Ukraine Invasion Tag 348: Moskau erhöht militärischen Druck – Bachmut könnte fallen

Wahlen in den besetzten Gebieten, Polen drängt auf Entscheidung zu Kampfjet-Lieferungen, UN-Generalsekretär befürchtet Ausweitung des Krieges. Der Überblick am Abend.

Die seit Wochen laufenden Angriffe im Donbass durch russische Truppen haben sich laut Angaben aus Kiew in den vergangenen Tagen noch einmal verstärkt. Nennenswerte Eroberungen gab es dadurch zwar nicht, aber der Fortschritt der russischen Truppen ist inzwischen sehr stetig, vor allem rund um die Stadt Bachmut. 

Dort hatten über Jahre ausgebaute ukrainische Verteidigungsanlagen den Angriffen lange standgehalten, nun scheinen sie nach und nach zu fallen. Der polnische Militäranalyst Konrad Muzyka, der in Danzig arbeitet, schätzt, dass Bachmut innerhalb der nächsten zwei Monate erobert werden könnte (Quelle nach Anmeldung hier zugänglich). Die Ukraine, so schreibt er in seinem wöchentlichen Briefing, sei wahrscheinlich nicht bereit, weiter die hohen Verluste zu tragen, die nötig seien, um die Russen auszubremsen. Zudem sind die Versorgungswege in die Stadt zunehmend von russischem Beschuss bedroht. 

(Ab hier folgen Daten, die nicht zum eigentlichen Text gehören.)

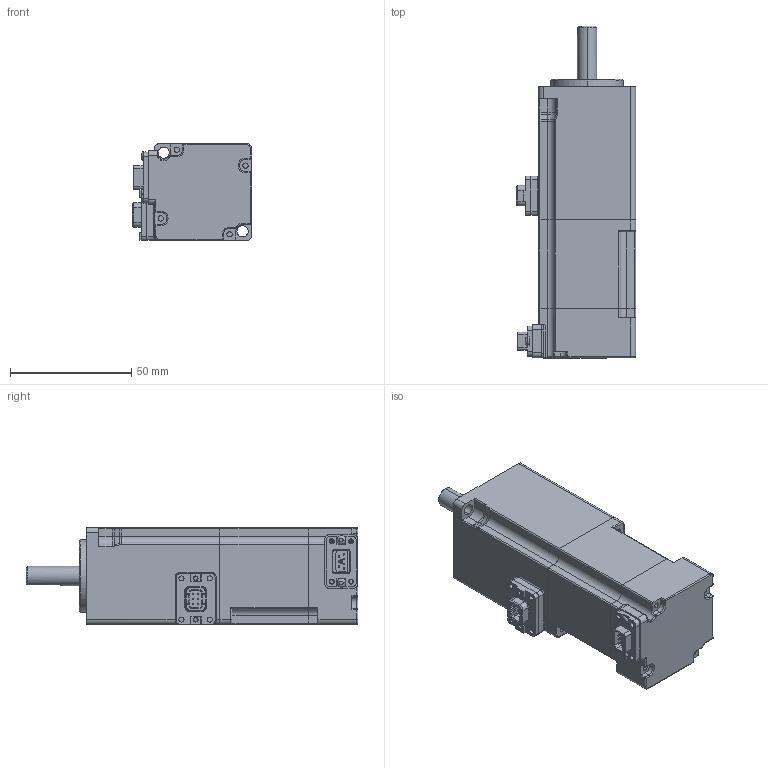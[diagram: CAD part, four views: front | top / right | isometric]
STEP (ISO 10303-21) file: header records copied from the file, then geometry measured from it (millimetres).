
FILE_DESCRIPTION(('FreeCAD Model'),'2;1');
FILE_NAME('Open CASCADE Shape Model','2025-03-17T11:59:05',('Author'),( ''),'Open CASCADE STEP processor 7.6','FreeCAD','Unknown');
FILE_SCHEMA(('AUTOMOTIVE_DESIGN { 1 0 10303 214 1 1 1 1 }'));
Length unit declared in the file: millimetre
Products named in the file (13): PSM6H-40CS30BZ3-20P1; PSM6H-40CS30BZ3-20P002; PSM6H-40CS30BZ3-20P003; PSM6H-40CS30BZ3-20P004; PSM6H-40CS30BZ3-20P005; PSM6H-40CS30BZ3-20P006; PSM6H-40CS30BZ3-20P007; PSM6H-40CS30BZ3-20P008; PSM6H-40CS30BZ3-20P009; PSM6H-40CS30BZ3-20P010; PSM6H-40CS30BZ3-20P011; PSM6H-40CS30BZ3-20P012; PSM6H-40CS30BZ3-20P013
Assembly tree (12 placements, depth 2):
  PSM6H-40CS30BZ3-20P1
    PSM6H-40CS30BZ3-20P002
    PSM6H-40CS30BZ3-20P003
    PSM6H-40CS30BZ3-20P004
    PSM6H-40CS30BZ3-20P005
    PSM6H-40CS30BZ3-20P006
    PSM6H-40CS30BZ3-20P007
    PSM6H-40CS30BZ3-20P008
    PSM6H-40CS30BZ3-20P009
    PSM6H-40CS30BZ3-20P010
    PSM6H-40CS30BZ3-20P011
    PSM6H-40CS30BZ3-20P012
    PSM6H-40CS30BZ3-20P013
Bounding box: 49.2 x 137 x 40 mm (x, y, z)
Surface area: 24675 mm2 (no closed solid volume)
Topology: 0 solids, 12 shells, 582 faces, 2011 edges, 1419 vertices
Faces by surface type: plane 275, cylinder 216, torus 40, cone 26, bspline 12, sphere 9, revolution 4
Entity records: 22784 total; most frequent: CARTESIAN_POINT 5317, DIRECTION 3616, ORIENTED_EDGE 3197, EDGE_CURVE 2002, VERTEX_POINT 1419, LINE 1380, VECTOR 1380, AXIS2_PLACEMENT_3D 1116
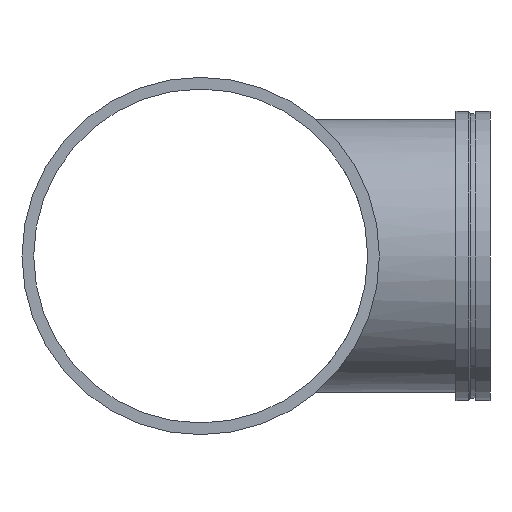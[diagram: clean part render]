
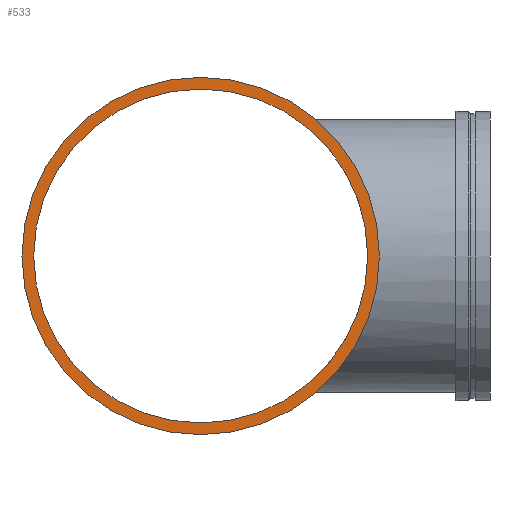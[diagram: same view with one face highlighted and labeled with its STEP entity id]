
A CAD part, left-side view. The second image highlights one B-rep face of the part: STEP entity #533.
In plain terms, the highlighted planar face has unit normal (-1, 0, 0).
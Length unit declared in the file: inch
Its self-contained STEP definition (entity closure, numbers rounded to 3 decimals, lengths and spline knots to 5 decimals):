
#58=FACE_BOUND('',#128,.T.);
#67=PLANE('',#626);
#92=FACE_OUTER_BOUND('',#127,.T.);
#127=EDGE_LOOP('',(#465,#466));
#128=EDGE_LOOP('',(#467,#468));
#151=CIRCLE('',#587,21.);
#152=CIRCLE('',#588,21.);
#175=CIRCLE('',#624,19.625);
#176=CIRCLE('',#625,19.625);
#239=VERTEX_POINT('',#1145);
#240=VERTEX_POINT('',#1147);
#263=VERTEX_POINT('',#1214);
#264=VERTEX_POINT('',#1216);
#299=EDGE_CURVE('',#239,#240,#151,.T.);
#300=EDGE_CURVE('',#240,#239,#152,.T.);
#331=EDGE_CURVE('',#264,#263,#175,.T.);
#332=EDGE_CURVE('',#263,#264,#176,.T.);
#465=ORIENTED_EDGE('',*,*,#300,.F.);
#466=ORIENTED_EDGE('',*,*,#299,.F.);
#467=ORIENTED_EDGE('',*,*,#331,.T.);
#468=ORIENTED_EDGE('',*,*,#332,.T.);
#533=ADVANCED_FACE('',(#92,#58),#67,.T.);
#587=AXIS2_PLACEMENT_3D('',#1148,#716,#717);
#588=AXIS2_PLACEMENT_3D('',#1149,#718,#719);
#624=AXIS2_PLACEMENT_3D('',#1217,#798,#799);
#625=AXIS2_PLACEMENT_3D('',#1218,#800,#801);
#626=AXIS2_PLACEMENT_3D('',#1219,#802,#803);
#716=DIRECTION('center_axis',(1.,0.,0.));
#717=DIRECTION('ref_axis',(0.,0.,1.));
#718=DIRECTION('center_axis',(1.,0.,0.));
#719=DIRECTION('ref_axis',(0.,0.,1.));
#798=DIRECTION('center_axis',(1.,0.,0.));
#799=DIRECTION('ref_axis',(0.,0.,1.));
#800=DIRECTION('center_axis',(1.,0.,0.));
#801=DIRECTION('ref_axis',(0.,0.,1.));
#802=DIRECTION('center_axis',(-1.,0.,0.));
#803=DIRECTION('ref_axis',(0.,0.,-1.));
#1145=CARTESIAN_POINT('',(-35.5,21.,0.));
#1147=CARTESIAN_POINT('',(-35.5,-21.,0.));
#1148=CARTESIAN_POINT('Origin',(-35.5,0.,0.));
#1149=CARTESIAN_POINT('Origin',(-35.5,0.,0.));
#1214=CARTESIAN_POINT('',(-35.5,19.625,0.));
#1216=CARTESIAN_POINT('',(-35.5,-19.625,0.));
#1217=CARTESIAN_POINT('Origin',(-35.5,0.,0.));
#1218=CARTESIAN_POINT('Origin',(-35.5,0.,0.));
#1219=CARTESIAN_POINT('Origin',(-35.5,-21.,0.));
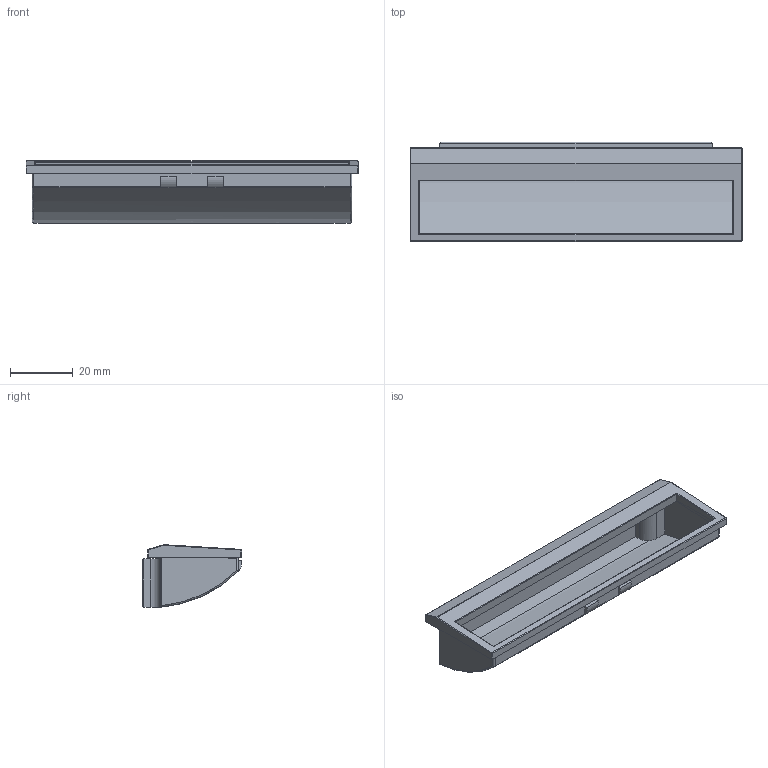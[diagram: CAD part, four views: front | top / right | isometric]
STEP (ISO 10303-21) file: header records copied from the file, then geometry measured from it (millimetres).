
FILE_DESCRIPTION (( 'STEP AP203' ), '1' );
FILE_NAME ('HP-004-白.STEP', '2015-11-18T07:36:57', ( '' ), ( '' ), 'SwSTEP 2.0', 'SolidWorks 2014', '' );
FILE_SCHEMA (( 'CONFIG_CONTROL_DESIGN' ));
Length unit declared in the file: millimetre
Products named in the file (1): HP-004-白
Bounding box: 106 x 31.76 x 20 mm (x, y, z)
Volume: 9437.7 mm3; surface area: 19021.2 mm2
Topology: 1 solids, 1 shells, 101 faces, 242 edges, 140 vertices
Faces by surface type: plane 47, cylinder 38, sphere 12, torus 3, bspline 1
Entity records: 2942 total; most frequent: CARTESIAN_POINT 574, DIRECTION 488, ORIENTED_EDGE 468, EDGE_CURVE 234, AXIS2_PLACEMENT_3D 169, LINE 150, VECTOR 150, VERTEX_POINT 140

Allerdings, so beobachtet Muzyka, habe sich auch der Charakter der russischen Angriffe zuletzt verändert. Die russischen Truppen gingen überlegter vor, die selbstmörderischen Attacken der Wagnerkämpfer seien seltener geworden. Über den Grund lässt sich nur spekulieren; eine Möglichkeit ist, dass der Wagnergruppe nach den verlustreichen Kämpfen die Soldaten ausgehen. 

Zuletzt rieten auch US-Militärs den Ukrainern, Bachmut aufzugeben und sich auf eigene Offensiven zu konzentrieren. Dagegen könnte Kiew mit den Ereignissen aus dem Sommer argumentieren: Damals hatte die Ukraine auch über Wochen in verlustreichen Kämpfen die Städte Sjewjerodonezk und Lyssytschansk verteidigt. Die russische Seite war dadurch so geschwächt, dass die erfolgreichen ukrainischen Gegenoffensiven im Herbst möglich wurden. Allerdings ist die Lage jetzt eine andere: Russland hat inzwischen wohl rund doppelt so viele Soldaten in der Ukraine wie zu Beginn der Invasion.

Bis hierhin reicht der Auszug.